There is both hope and important lessons we can glean from the experience of the Antonine Plague that nearly ended the Roman empire 200 years ahead of schedule. Roman society, however, under Emperor Aurelius rebounded after the Antonine Plague of 165 CE, the exact nature of which remains unknown. The empire under Marcus Aurelius, according to historian Edward Gibbon was a time when “the human race was most happy and prosperous,” even though it encountered enormous and enduring human misfortunes.
There are important parallels between the Roman Empire of the second century CE and current US society as both enjoyed superpower status when it came to military might and dominance with respect to culture, economics, and politics. The success of the Roman empire was attributed to good governance that emphasized community, planning, and working together to rebuild. So, which lessons are transferable as we navigate through the present global pandemic and crisis?
As leaders and members of the higher education community, we have an important role to play by drawing from these lessons and implications, from rebuilding community outreach and partnerships, engaging in new research with an increased emphasis on fiscal and social responsibility, to providing lessons in wide-ranging broad-based planning and coordination. In this essay, I could focus on the financial implications and the decimated business model or the new modes of more effectively delivering education from online learning to stackable micro-credentials. Nor is this article about the wraparound services that are necessary for our students to succeed in college, services like advising, tutoring, access to technology, a support structure of friends and other members of the community, healthcare and counseling, and basic needs such as food and safe spaces.

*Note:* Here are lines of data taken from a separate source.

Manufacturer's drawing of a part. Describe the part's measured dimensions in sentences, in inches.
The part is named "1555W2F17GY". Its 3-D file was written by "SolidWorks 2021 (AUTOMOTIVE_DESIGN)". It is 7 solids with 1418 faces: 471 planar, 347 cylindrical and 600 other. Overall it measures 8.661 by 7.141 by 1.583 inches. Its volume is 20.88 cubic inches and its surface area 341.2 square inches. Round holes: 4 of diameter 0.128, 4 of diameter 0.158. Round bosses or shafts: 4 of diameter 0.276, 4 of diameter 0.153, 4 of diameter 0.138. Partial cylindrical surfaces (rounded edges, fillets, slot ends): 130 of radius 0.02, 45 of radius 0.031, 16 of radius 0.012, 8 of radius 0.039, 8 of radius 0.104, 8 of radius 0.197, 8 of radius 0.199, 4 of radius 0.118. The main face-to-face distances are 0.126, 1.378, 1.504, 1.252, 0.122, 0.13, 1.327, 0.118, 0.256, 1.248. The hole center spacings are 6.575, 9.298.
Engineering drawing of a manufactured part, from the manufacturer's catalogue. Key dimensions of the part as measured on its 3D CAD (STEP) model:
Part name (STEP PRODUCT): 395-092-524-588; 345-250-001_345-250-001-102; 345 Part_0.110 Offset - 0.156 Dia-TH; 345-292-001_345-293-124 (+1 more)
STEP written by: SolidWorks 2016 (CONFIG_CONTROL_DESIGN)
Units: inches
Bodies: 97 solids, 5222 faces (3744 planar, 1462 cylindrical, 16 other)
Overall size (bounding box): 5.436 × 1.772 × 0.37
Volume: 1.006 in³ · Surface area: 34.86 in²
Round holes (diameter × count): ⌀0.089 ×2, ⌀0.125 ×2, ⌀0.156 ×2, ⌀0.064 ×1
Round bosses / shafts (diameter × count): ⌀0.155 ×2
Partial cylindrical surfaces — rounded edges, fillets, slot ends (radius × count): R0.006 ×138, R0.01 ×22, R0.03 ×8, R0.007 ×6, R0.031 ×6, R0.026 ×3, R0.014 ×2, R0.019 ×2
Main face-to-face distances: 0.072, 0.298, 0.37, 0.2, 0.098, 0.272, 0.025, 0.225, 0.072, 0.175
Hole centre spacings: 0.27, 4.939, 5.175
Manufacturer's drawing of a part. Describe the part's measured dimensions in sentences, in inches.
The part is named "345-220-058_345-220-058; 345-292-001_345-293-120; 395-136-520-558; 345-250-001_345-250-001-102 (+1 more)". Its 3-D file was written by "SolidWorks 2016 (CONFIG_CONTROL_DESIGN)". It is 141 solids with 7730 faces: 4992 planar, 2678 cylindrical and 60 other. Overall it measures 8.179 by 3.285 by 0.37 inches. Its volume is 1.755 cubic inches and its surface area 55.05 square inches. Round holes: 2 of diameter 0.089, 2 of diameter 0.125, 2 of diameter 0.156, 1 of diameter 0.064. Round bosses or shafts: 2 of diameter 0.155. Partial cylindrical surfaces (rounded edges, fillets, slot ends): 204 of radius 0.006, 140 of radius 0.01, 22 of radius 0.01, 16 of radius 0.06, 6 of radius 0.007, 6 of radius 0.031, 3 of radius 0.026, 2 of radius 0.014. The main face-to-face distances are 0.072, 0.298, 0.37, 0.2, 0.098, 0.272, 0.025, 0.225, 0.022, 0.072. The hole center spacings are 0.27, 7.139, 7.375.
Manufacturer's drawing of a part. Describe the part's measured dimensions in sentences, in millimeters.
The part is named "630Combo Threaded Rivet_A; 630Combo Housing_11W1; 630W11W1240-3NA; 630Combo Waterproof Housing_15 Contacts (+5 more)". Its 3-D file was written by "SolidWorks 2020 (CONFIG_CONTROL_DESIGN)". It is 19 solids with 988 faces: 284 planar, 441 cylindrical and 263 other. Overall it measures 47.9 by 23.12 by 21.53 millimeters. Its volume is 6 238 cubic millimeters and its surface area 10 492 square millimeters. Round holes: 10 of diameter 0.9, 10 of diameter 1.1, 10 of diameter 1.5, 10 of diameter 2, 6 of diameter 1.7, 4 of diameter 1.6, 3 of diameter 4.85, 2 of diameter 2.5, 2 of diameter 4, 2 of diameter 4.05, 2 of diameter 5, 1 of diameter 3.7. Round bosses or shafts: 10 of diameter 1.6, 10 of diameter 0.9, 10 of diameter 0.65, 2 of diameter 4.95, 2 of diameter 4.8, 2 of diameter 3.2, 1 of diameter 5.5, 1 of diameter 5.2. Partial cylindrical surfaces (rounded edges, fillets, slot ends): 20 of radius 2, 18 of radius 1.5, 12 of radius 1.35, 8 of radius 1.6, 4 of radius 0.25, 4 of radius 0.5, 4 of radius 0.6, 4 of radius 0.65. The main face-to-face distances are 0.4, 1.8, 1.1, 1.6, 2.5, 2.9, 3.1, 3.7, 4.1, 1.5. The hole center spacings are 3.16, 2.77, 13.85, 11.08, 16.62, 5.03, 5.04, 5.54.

Here I focus on one critical question that is relevant to the future of higher education institutions: what can you teach me that specializing in my discipline/major cannot? Or the bigger question, why should I attend a traditional college that was founded on the principles of a liberal arts education? What will I learn that is so different?
A recent article, The End of Economics, by Fareed Zakaria, reminded me of how academic specialization and the division of various academic fields by subject matter have impacted the academy, research programs, policymaking, and the workplace. My discipline, Economics, typically studies the allocation of scarce resources with prices serving as the primary signaling mechanism, and the construct of markets and economic organizations. Disciplines can also be defined by methodology or approach; for example, Economics could be defined by how it approaches decision-making, centered on models of rational optimization. However, as one might suspect, subject matter and methodology do not perfectly intersect or line up together.
As an example, for the past 30 years, Behavioral Economics has established an increasingly strong foothold in understanding the role of human behavior in economic decision-making. Leading research in the fields of neuroscience, psychology, anthropology, and sociology, among others, influence our understanding of the behavior of consumers, producers, workers and investors as economic agents and question the dominance of the rational optimizing model as the primary framework to study economic problems. Methodologically, Economics has learned a lot from the use of randomized control trials that first originated in the field of early medicine and then psychology. These connections across disciplines are easier to make if one is intentionally exposed to different approaches across the curriculum, and we purposefully spend time on reflection and making meaningful connections across the core curriculum.
And that is a good thing for all of us, especially those of us that have argued that disciplinary boundaries are human-made and they must be questioned and crossed to better understand the messy world we live in and to address the complex problems that we face that are not solvable within the domain of a single discipline. The often-maligned liberal arts core curriculum – also called the general education program when done right – offered by universities and colleges in the United States, offers the best solution to train our minds to think creatively in holistic ways that are not confined to disciplinary thinking and a single way of knowing. This curriculum is founded on the principle that there are multiple ways of knowing and developing an understanding of how human knowledge allows us to step outside of our disciplines and our familiar methodology of addressing problems to think outside our disciplinary box.